Resensi oleh : Yanu Endar Prasetyo
Sejak membuka lembar pertama, saya tidak bisa berhenti membaca novel karya Langit Kresna Hariadi ini. Demikian memikat jalan cerita dan bahasa tutur penulisnya, membuat saya tidak bisa melepaskan buku ini sebelum tuntas membacanya. Alhasil, ditengah perjalanan, di dalam angkot hingga di tengah-tengah diskusi kuliah (maaf pak dosen J) saya “terpaksa” mencuri waktu demi menelan habis kisah dalam novel serial kedua "Gajah Mada : Bergulat dalam Kemelut Takhta dan Angkara” ini secepat mungkin. Lebih dari sekedar menuruti rasa penasaran yang ditimbulkan oleh alur ceritanya, tetapi juga karena banyak sekali pelajaran kehidupan yang dapat dipetik di setiap lembar kisahnya.
Apa yang
membuat saya begitu tertarik adalah pertama-tama karena pengaruh pengalaman
personal dimasa kecil. Membaca novel ini dengan tanpa sengaja mengingatkan Saya
pada era tahun 1990-an, ketika setiap sore atau malam saya “tanpa sengaja” sering
mendengarkan drama serial di radio (entah RRI atau radio lokal) yang bertemakan kisah kerajaan di masa lalu, seperti Majapahit, Singosari, hingga serial Mahabarata
dan Ramayana. Suara derap langkah kuda yang khas menghiasi penggalan narasi di
radio kala itu, seperti hidup dan terngiang kembali ketika membaca novel ini. Benar-benar
membawa imajinasi yang akrab ke masa lampau. Barangkali karena kepiawaian
penulisnya dalam bertutur dan juga riset-riset komprehensif yang dilakukan
menyebabkan novel setebal 508 halaman ini kaya akan pengetahuan sejarah yang cukup detail dan boleh diacungi jempol.
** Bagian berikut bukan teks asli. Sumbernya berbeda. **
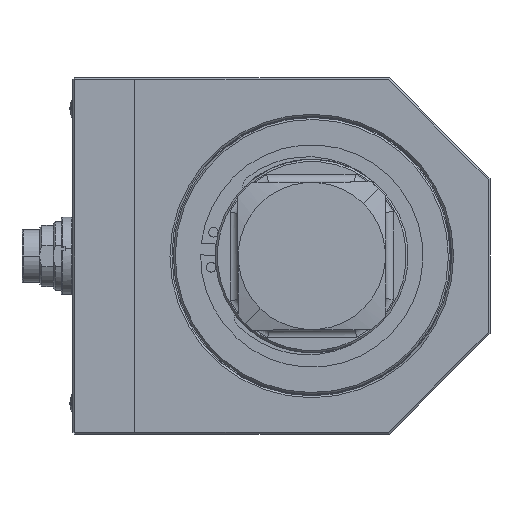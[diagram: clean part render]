
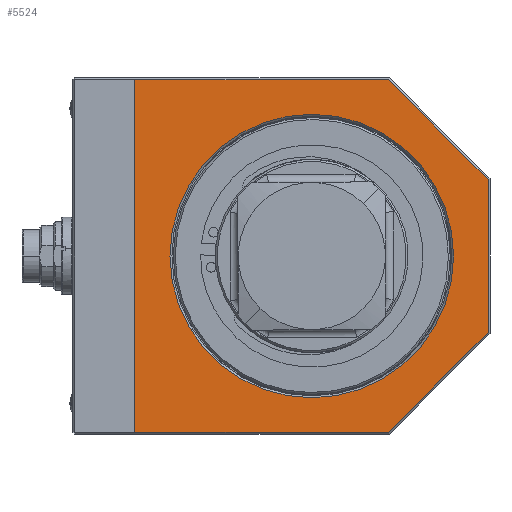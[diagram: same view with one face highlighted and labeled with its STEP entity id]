
A CAD part, left-side view. The second image highlights one B-rep face of the part: STEP entity #5524.
In plain terms, the highlighted planar face has unit normal (-1, 0, 0).
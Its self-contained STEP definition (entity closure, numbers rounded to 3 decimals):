
#110 = VECTOR ( 'NONE', #1867, 1000. ) ;
#119 = LINE ( 'NONE', #4628, #2991 ) ;
#251 = EDGE_CURVE ( 'NONE', #1604, #8193, #4198, .T. ) ;
#483 = EDGE_LOOP ( 'NONE', ( #4433, #2386, #3729, #6850, #1288, #8297 ) ) ;
#648 = VERTEX_POINT ( 'NONE', #5788 ) ;
#808 = EDGE_LOOP ( 'NONE', ( #8818, #2062 ) ) ;
#1288 = ORIENTED_EDGE ( 'NONE', *, *, #6153, .T. ) ;
#1324 = AXIS2_PLACEMENT_3D ( 'NONE', #7095, #7082, #7061 ) ;
#1371 = LINE ( 'NONE', #1456, #5147 ) ;
#1456 = CARTESIAN_POINT ( 'NONE',  ( 0., -46., -45.5 ) ) ;
#1519 = LINE ( 'NONE', #8623, #6292 ) ;
#1521 = CARTESIAN_POINT ( 'NONE',  ( 0., -19.793, 45.5 ) ) ;
#1604 = VERTEX_POINT ( 'NONE', #6554 ) ;
#1851 = VERTEX_POINT ( 'NONE', #5489 ) ;
#1867 = DIRECTION ( 'NONE',  ( 0., 1., 0. ) ) ;
#1917 = CARTESIAN_POINT ( 'NONE',  ( 0., -46., 45.5 ) ) ;
#1956 = DIRECTION ( 'NONE',  ( 0., 0., -1. ) ) ;
#1965 = DIRECTION ( 'NONE',  ( 1., 0., 0. ) ) ;
#1970 = DIRECTION ( 'NONE',  ( 0., -1., 0. ) ) ;
#1978 = CARTESIAN_POINT ( 'NONE',  ( 0., 0., 0. ) ) ;
#2062 = ORIENTED_EDGE ( 'NONE', *, *, #8556, .T. ) ;
#2126 = EDGE_CURVE ( 'NONE', #7854, #7326, #2784, .T. ) ;
#2386 = ORIENTED_EDGE ( 'NONE', *, *, #6781, .T. ) ;
#2784 = LINE ( 'NONE', #4543, #6163 ) ;
#2803 = EDGE_CURVE ( 'NONE', #6766, #3370, #5293, .T. ) ;
#2969 = FACE_BOUND ( 'NONE', #808, .T. ) ;
#2991 = VECTOR ( 'NONE', #4531, 1000. ) ;
#3116 = VECTOR ( 'NONE', #7141, 1000. ) ;
#3197 = DIRECTION ( 'NONE',  ( 0., 0., -1. ) ) ;
#3219 = DIRECTION ( 'NONE',  ( 1., 0., 0. ) ) ;
#3278 = PLANE ( 'NONE',  #7363 ) ;
#3306 = CARTESIAN_POINT ( 'NONE',  ( 0., -46., 46. ) ) ;
#3370 = VERTEX_POINT ( 'NONE', #8311 ) ;
#3465 = CARTESIAN_POINT ( 'NONE',  ( 0., -45.5, -19.793 ) ) ;
#3729 = ORIENTED_EDGE ( 'NONE', *, *, #5417, .T. ) ;
#4198 = CIRCLE ( 'NONE', #5378, 36.6 ) ;
#4433 = ORIENTED_EDGE ( 'NONE', *, *, #7474, .F. ) ;
#4531 = DIRECTION ( 'NONE',  ( 0., -0.707, 0.707 ) ) ;
#4543 = CARTESIAN_POINT ( 'NONE',  ( 0., -45.5, 46. ) ) ;
#4553 = DIRECTION ( 'NONE',  ( 0., 0., 1. ) ) ;
#4556 = CARTESIAN_POINT ( 'NONE',  ( 0., 0., -36.6 ) ) ;
#4628 = CARTESIAN_POINT ( 'NONE',  ( 0., -45.646, -19.646 ) ) ;
#4827 = FACE_OUTER_BOUND ( 'NONE', #483, .T. ) ;
#5147 = VECTOR ( 'NONE', #1970, 1000. ) ;
#5293 = LINE ( 'NONE', #1917, #110 ) ;
#5378 = AXIS2_PLACEMENT_3D ( 'NONE', #1978, #1965, #1956 ) ;
#5417 = EDGE_CURVE ( 'NONE', #648, #7854, #119, .T. ) ;
#5489 = CARTESIAN_POINT ( 'NONE',  ( 0., 45.7, -45.5 ) ) ;
#5524 = ADVANCED_FACE ( 'NONE', ( #2969, #4827 ), #3278, .F. ) ;
#5788 = CARTESIAN_POINT ( 'NONE',  ( 0., -19.793, -45.5 ) ) ;
#6153 = EDGE_CURVE ( 'NONE', #7326, #6766, #1519, .T. ) ;
#6163 = VECTOR ( 'NONE', #4553, 1000. ) ;
#6292 = VECTOR ( 'NONE', #8758, 1000. ) ;
#6554 = CARTESIAN_POINT ( 'NONE',  ( 0., 0., 36.6 ) ) ;
#6605 = CIRCLE ( 'NONE', #1324, 36.6 ) ;
#6766 = VERTEX_POINT ( 'NONE', #1521 ) ;
#6781 = EDGE_CURVE ( 'NONE', #1851, #648, #1371, .T. ) ;
#6850 = ORIENTED_EDGE ( 'NONE', *, *, #2126, .T. ) ;
#7020 = CARTESIAN_POINT ( 'NONE',  ( 0., 45.7, 46. ) ) ;
#7061 = DIRECTION ( 'NONE',  ( 0., 0., -1. ) ) ;
#7082 = DIRECTION ( 'NONE',  ( 1., 0., 0. ) ) ;
#7095 = CARTESIAN_POINT ( 'NONE',  ( 0., 0., 0. ) ) ;
#7141 = DIRECTION ( 'NONE',  ( 0., 0., 1. ) ) ;
#7326 = VERTEX_POINT ( 'NONE', #8411 ) ;
#7363 = AXIS2_PLACEMENT_3D ( 'NONE', #3306, #3219, #3197 ) ;
#7474 = EDGE_CURVE ( 'NONE', #1851, #3370, #8742, .T. ) ;
#7854 = VERTEX_POINT ( 'NONE', #3465 ) ;
#8193 = VERTEX_POINT ( 'NONE', #4556 ) ;
#8297 = ORIENTED_EDGE ( 'NONE', *, *, #2803, .T. ) ;
#8311 = CARTESIAN_POINT ( 'NONE',  ( 0., 45.7, 45.5 ) ) ;
#8411 = CARTESIAN_POINT ( 'NONE',  ( 0., -45.5, 19.793 ) ) ;
#8556 = EDGE_CURVE ( 'NONE', #8193, #1604, #6605, .T. ) ;
#8623 = CARTESIAN_POINT ( 'NONE',  ( 0., -19.646, 45.646 ) ) ;
#8742 = LINE ( 'NONE', #7020, #3116 ) ;
#8758 = DIRECTION ( 'NONE',  ( 0., 0.707, 0.707 ) ) ;
#8818 = ORIENTED_EDGE ( 'NONE', *, *, #251, .T. ) ;

Dalam novel ini, Langit Kresna Hariadi menempatkan suksesi kekuasaan di Majapahit
sebagai setting politiknya. Polemik
perebutan kekuasaan terasa kental dengan bumbu-bumbu misteri pembunuhan,
persekongkolan, kebohongan, fitnah dan kegalauan yang menghinggapi masing-masing
tokohnya. Dimulai dari terbunuhnya Raja Jayanegara yang diracun oleh Ra Tanca. Setelah
meracun Raja - dengan memanfaatkan kemampuannya sebagai tabib yang dipercaya –
tanpa ampun Gajah Mada langsung balas membunuh Ra Tanca seketika itu juga. Ra
Tanca sendiri di masa lalu memang memiliki riwayat makar – pendukung Ra Kuti,
pemberontak sebelumnya – tetapi kemudian ia menyerah dan mendapat pengampunan
dari Jayanegara.
(Gajah Mada)
Pasca mangkat-nya
orang nomor satu di Majapahit yang mendadak itu, terjadi kekosongan kekuasaan
yang membuat seluruh Majapahit gelisah. Ya, sebab Jayanegara tidak meninggalkan
seorang anak sebagai pewaris tahta kerajaannya. Tetapi ia memiliki dua orang
adik perempuan, Sri Gitarja (kelak bergelar Tribhuanatunggadewi
Jayawisnuwardhani) dan Dyah Wiyat. Siapakah diantara kedua perempuan tersebut
yang layak menggantikan Jayanegara? Disinilah konflik utama dalam novel ini
dibangun. Kedua putri Raja atau calon ratu itu digambarkan sebagai kakak
beradik yang saling menyayangi satu sama lain. Akan tetapi kursi kekuasaan itu
berhawa panas dan mengundang nafsu manusia untuk menguasainya. Bukan kedua
putri Raja itu ternyata yang saling jegal, melainkan kedua orang dekat calon
suami mereka, Raden Cakradara dan Raden Kudamerta yang melakukan intrik-intrik
keji demi menggapai kekuasaan.
Singkat cerita,
pasca terbunuhnya Jayanegara itu terjadi peristiwa pembunuhan beruntun yang menimpa
kerabat dan orang-orang dekat Radet Kudamerta (calon suami Dyah Wiyat). Rentetan pembunuhan, baik yang berhasil maupun yang gagal itulah yang menjadi
teka-teki sepanjang novel ini. Gajah Mada, sebagai seorang Patih Daha dan
mantan pemimpin pasukan Bhayangkara (semacam pasukan khusus dan terlatih) berada
di tengah-tengah pusaran misteri ini dan berupaya untuk memecahkannya. Gajah
Mada sendiri digambarkan sebagai sosok yang kuat secara fisik, berwibawa dan
cerdas ini memiliki peran sentral dalam menyatukan berbagai kepingan misteri
yang ada. Ia juga menjadi orang yang dipercaya, baik oleh Ratu (biksuni)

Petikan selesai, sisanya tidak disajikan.